Global Observations from a Science-Quality Millimeter-wave Atmospheric Sounding Radiometer on a CubeSat to Improve Weather Forecasting: Temporal Experiment for Storms and Tropical Systems Demonstration (TEMPEST-D)

Global observations of clouds and precipitation processes are essential to improve monitoring and prediction of tropical cyclones and severe storms with substantial impacts on human life and property. Convection plays an important role in moving heat in the atmosphere – influencing global weather patterns, distributing fresh water and producing severe weather conditions. However, fundamental gaps remain in understanding the physical processes governing convection, prompting the 2017 Earth Science Decadal Survey to list as one of its “most important” science questions, “Why do convective storms, heavy precipitation, and clouds occur exactly when and where they do?”

To understand cloud and precipitation processes in a variety of climate environments, rapid revisit global observations are necessary. To this end, geostationary satellites have improved weather prediction by providing visible and infrared measurements with temporal resolution on the order of a few minutes. However, to improve understanding of the evolution of deep convection and the surrounding water vapor requires fine time-resolution millimeter-wave radiometric observations capable of penetrating deep inside the storm where microphysical precipitation processes occur.

To address this critical observational need, the Temporal Experiment for Storms and Tropical Systems (TEMPEST) mission concept deploys a closely-spaced train of eight 6U CubeSats with identical low-mass, low-power millimeter-wave radiometers. The TEMPEST train samples rapid changes in convection and water vapor by observing every 3-4 minutes for up to 30 minutes. The millimeter-wave radiometers on TEMPEST observe at five frequencies from 87 to 181 GHz and provide water vapor soundings to improve understanding of its role in the organization and growth of convection. By rapidly sampling the life cycle of convection, TEMPEST fills a critical observational gap, complementing and augmenting existing and future satellite missions, e.g. TROPICS and GPM.

To demonstrate global, well-calibrated radiometric measurements from a 6U CubeSat, the TEMPEST Demonstration (TEMPEST-D) mission was initiated as a partnership among Colorado State University, NASA/Caltech Jet Propulsion Laboratory and Blue Canyon Technologies. The TEMPEST-D satellite was launched on May 21, 2018 on Orbital ATK’s commercial resupply mission to the ISS and was successfully deployed from the ISS on July 13, 2018, from an initial orbit with 400-km altitude and 51.6° inclination.

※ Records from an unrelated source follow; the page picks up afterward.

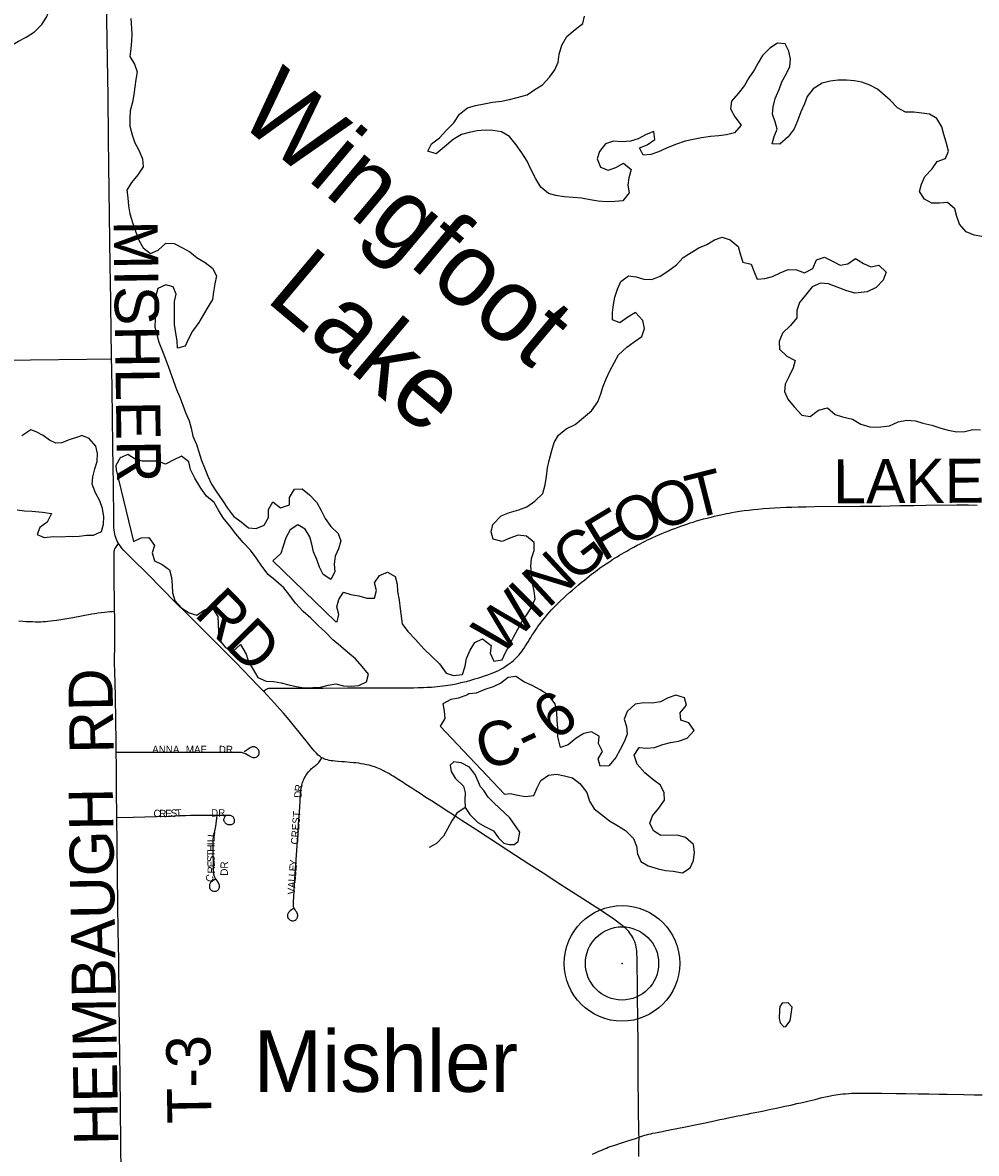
# Model space of a CAD drawing. Header units: feet. Extents: x 2113747 to 29971100, y 960708 to 6252803.
# Tile 8 of 225: x 2278662 to 2285148, y 1093306 to 1100993. Entities that reach past the tile are written whole.
import ezdxf

# ---------------------------------------------------------------- set-up
doc = ezdxf.new("R2010")
doc.units = ezdxf.units.FT
doc.header["$MEASUREMENT"] = 0
for name, color, linetype in [('0_Xref', 7, 'Continuous'), ('GM_X_County_Road', 3, 'Continuous'), ('GM_X_County_Road_Text', 3, 'Continuous'), ('GM_X_Major_Lake', 5, 'Continuous'), ('GM_X_Major_Lake_Text', 5, 'Continuous'), ('GM_X_Minor_Lake', 5, 'Continuous'), ('GM_X_Minor_River', 5, 'Continuous'), ('GM_X_Township_Road', 4, 'Continuous'), ('GM_X_Township_Road_Text', 4, 'Continuous'), ('GM_X_Township_Subdivision', 4, 'Continuous'), ('GM_X_Township_Subdivision_Text', 4, 'Continuous'), ('GM_X_Unincorporated', 1, 'Continuous'), ('GM_X_Unincorporated_Location', 2, 'Continuous'), ('GM_X_Unincorporated_Text', 7, 'Continuous')]:
    doc.layers.add(name, color=color, linetype=linetype)
doc.styles.add('Styledgn030', font='dgn030.shx')
doc.styles.add('Styledgn031', font='dgn031.shx')

# ---------------------------------------------------------------- blocks, each defined once
blk = doc.blocks.new('Unicorp10')
at = {"layer": 'GM_X_Unincorporated'}
for radius in [392.8, 249]:
    blk.add_circle((0, 0), radius, dxfattribs=at)
blk = doc.blocks.new('POR')
at = {"layer": 'GM_X_County_Road', "flags": 128}
for points in [[(2279267.3, 1098708.1), (2279267, 1098750.1), (2279263.6, 1098866), (2279261.1, 1099106.6), (2279258.1, 1099342), (2279253.9, 1099685), (2279248.9, 1100021.9), (2279247.1, 1100207.7), (2279243, 1100490.8), (2279238.8, 1100747), (2279235, 1101013.2), (2279230.3, 1101222.7), (2279229.9, 1101338.2), (2279229.2, 1101441.5)], [(2279314.8, 1097451.2), (2279312, 1097455.7), (2279305.4, 1097467.9), (2279300.3, 1097479.2), (2279295.5, 1097491.8), (2279291.6, 1097504.4), (2279288.8, 1097516.3), (2279286.5, 1097528.7), (2279284.7, 1097542.6), (2279283.4, 1097561.3), (2279282.1, 1097587.3), (2279281.7, 1097612.1), (2279279.6, 1097852.6), (2279275.2, 1098105.3), (2279272.9, 1098321.6), (2279270.8, 1098490.9), (2279267.8, 1098646.4), (2279267.3, 1098708.1)], [(2281270.8, 1096471.1), (2281281.9, 1096471.1), (2281320.5, 1096471.5), (2281352.6, 1096472.5), (2281387.8, 1096473.7), (2281413, 1096474.5), (2281441.7, 1096476.3), (2281462.1, 1096477.5), (2281481.6, 1096479.3), (2281499, 1096481), (2281520.3, 1096483.6), (2281537.2, 1096485.8), (2281553.7, 1096487.9), (2281572.4, 1096491), (2281588.4, 1096494), (2281609.7, 1096498.3), (2281629.3, 1096502.2), (2281654.4, 1096508.3), (2281679.6, 1096514.8), (2281709.2, 1096522.6), (2281737.4, 1096530.8), (2281764.3, 1096539.1), (2281785.6, 1096546), (2281802.9, 1096551.6), (2281826.4, 1096559.9), (2281848.1, 1096567.7), (2281865.5, 1096574.6), (2281882, 1096581.6), (2281898.5, 1096589.4), (2281913.7, 1096597.2), (2281927.6, 1096605), (2281944.1, 1096615.4), (2281959.7, 1096626.3), (2281974.1, 1096636.7), (2281986.7, 1096646.2), (2282000.1, 1096657.5), (2282013.2, 1096669.2), (2282027.1, 1096682.7), (2282037.5, 1096693.9), (2282047.9, 1096706.5), (2282056.6, 1096717.8), (2282064.4, 1096729.1), (2282072.2, 1096740.4), (2282081.9, 1096755.2), (2282090.9, 1096769.5), (2282099.2, 1096782.9), (2282109.7, 1096799.8), (2282117.4, 1096812.4), (2282125.7, 1096825.5), (2282137.6, 1096844.1), (2282147, 1096858), (2282156.5, 1096871.9), (2282166.9, 1096887.4), (2282184.8, 1096911.4), (2282198.1, 1096929.2), (2282212.4, 1096946.8), (2282226.9, 1096964.5), (2282243.9, 1096983.9), (2282259.1, 1097001.2), (2282273.4, 1097015.6), (2282286.4, 1097029.2), (2282302.5, 1097044.7), (2282320.3, 1097061.2), (2282343.5, 1097083.1), (2282359, 1097097.6), (2282382, 1097118), (2282401.5, 1097135.4), (2282422, 1097152.7), (2282442.4, 1097170.5), (2282461.1, 1097186.2), (2282482.3, 1097203.5), (2282499.3, 1097217), (2282515.8, 1097230.4), (2282534, 1097244.7), (2282551.4, 1097257.7), (2282570.1, 1097271.6), (2282585.7, 1097283.3), (2282598.7, 1097292.5), (2282613.5, 1097302.4), (2282630.4, 1097314.2), (2282647.8, 1097325.9), (2282662.1, 1097335), (2282676.9, 1097344.5), (2282691.7, 1097354.1), (2282705.6, 1097362.3), (2282721.6, 1097371.9), (2282738.2, 1097381.9), (2282753.9, 1097390.8), (2282770.3, 1097400.1), (2282785.5, 1097408.8), (2282800.3, 1097417), (2282818.1, 1097426.5), (2282842.4, 1097440), (2282861.9, 1097450.4), (2282878, 1097458.6), (2282894.9, 1097467.3), (2282912.6, 1097476), (2282930.5, 1097484.2), (2282947.9, 1097492), (2282967.4, 1097500.7), (2282988.3, 1097509.8), (2283010, 1097518.9), (2283031.8, 1097528.5), (2283056.5, 1097538.9), (2283076, 1097546.7), (2283097.3, 1097554.9), (2283121.2, 1097563.6), (2283145.1, 1097572.3), (2283165.9, 1097579.7), (2283185, 1097586.2), (2283200.7, 1097591.4), (2283221.1, 1097597.9), (2283245.4, 1097605.2), (2283269.3, 1097612.2), (2283293.2, 1097618.7), (2283316.6, 1097624.7), (2283345.3, 1097632.1), (2283367.4, 1097637.3), (2283387.8, 1097642.1), (2283410.4, 1097647.3), (2283429.9, 1097651.6), (2283449.1, 1097655.5), (2283466, 1097659), (2283484.2, 1097662.4), (2283509.9, 1097666.8), (2283537.7, 1097671.1), (2283568, 1097675.4), (2283599.7, 1097679.3), (2283631.5, 1097682.8), (2283661.8, 1097685.8), (2283700.9, 1097689.3), (2283740.2, 1097692.3), (2283775.6, 1097694.5), (2283815.1, 1097696.6), (2283854.8, 1097698.2), (2283893.3, 1097699.6), (2283936.2, 1097700.5), (2283990.1, 1097701.7), (2284044, 1097702.6), (2284360.5, 1097705.5), (2284495.1, 1097706.7), (2284628.4, 1097709.3), (2284722.6, 1097711.4), (2284804.6, 1097712.6), (2285015.7, 1097713.8), (2285092.5, 1097713.8), (2285153.4, 1097712.9)], [(2280299.9, 1096447.2), (2280262.5, 1096487.5), (2280113.2, 1096640.4), (2279968.6, 1096784.7), (2279864.5, 1096889.7), (2279782.9, 1096971.9), (2279699.9, 1097053.5), (2279613.6, 1097141.2), (2279503.4, 1097251.6), (2279411.4, 1097342.4), (2279365.8, 1097388.4), (2279350.6, 1097405.4), (2279335.5, 1097422.5), (2279326.8, 1097433.6), (2279318.1, 1097445.6), (2279314.8, 1097451.2)], [(2280299.9, 1096447.2), (2280308.8, 1096454.2), (2280314.9, 1096458.5), (2280320.6, 1096462), (2280325.3, 1096464.1), (2280330.1, 1096465.9), (2280336.2, 1096467.6), (2280344.9, 1096468.9), (2280355.7, 1096469.3), (2280397, 1096469.3), (2280491.6, 1096468), (2280578.9, 1096468.4), (2280702.7, 1096467.9), (2280871.1, 1096469.6), (2281000.9, 1096469.9), (2281097.8, 1096470.3), (2281182.9, 1096470.7), (2281239.3, 1096471.1), (2281270.8, 1096471.1)], [(2280697.7, 1095994.9), (2280693.4, 1095997.5), (2280684.7, 1096003.6), (2280672.2, 1096014), (2280657.8, 1096028), (2280644.8, 1096042.3), (2280632.3, 1096057), (2280598.4, 1096099.2), (2280561, 1096146.4), (2280534.2, 1096180), (2280511.6, 1096207.8), (2280484.7, 1096240.8), (2280462.6, 1096267.3), (2280436.5, 1096297.7), (2280410.9, 1096326.4), (2280374.9, 1096366.3), (2280299.9, 1096447.2)], [(2282854.1, 1093415.7), (2282853.7, 1093437.8), (2282850.6, 1093622.8), (2282848.7, 1093820.4), (2282847.5, 1094007.9), (2282845, 1094255), (2282844.6, 1094337.5), (2282843.3, 1094464.7), (2282842.5, 1094573.3), (2282842.5, 1094600.6), (2282841.7, 1094627.1), (2282841.2, 1094641.4), (2282840.2, 1094656.2), (2282839.5, 1094667.9), (2282838.2, 1094683.1), (2282836.9, 1094695.7), (2282835.6, 1094705.7), (2282834.3, 1094712.7), (2282832.6, 1094720.5), (2282830.4, 1094728.7), (2282828.3, 1094736.1), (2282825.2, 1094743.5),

With more than nine months of operations to date, TEMPEST-D met its mission requirements in the first 90 days. The TEMPEST-D mission has successfully achieved at least TRL 7 for both the instrument and spacecraft systems. TEMPEST-D performed its first full-swath orbital observations on September 11, 2018, capturing Hurricanes Florence, Helene and Isaac over the Atlantic Ocean. TEMPEST-D data are beginning to be used in experiments for data assimilation into NOAA numerical weather prediction models.

TEMPEST-D brightness temperatures have been compared against those of four on-orbit reference sensors, i.e. NASA/JAXA GPM Microwave Imager and Microwave Humidity Sounders on NOAA and EUMETSAT operational meteorological satellites. Results demonstrate agreement between TEMPEST-D radiances and those from reference sensors with a high degree of accuracy and precision. On-orbit results indicate that TEMPEST-D is a very well-calibrated, stable radiometer, indistinguishable in performance from larger, more expensive operational instruments.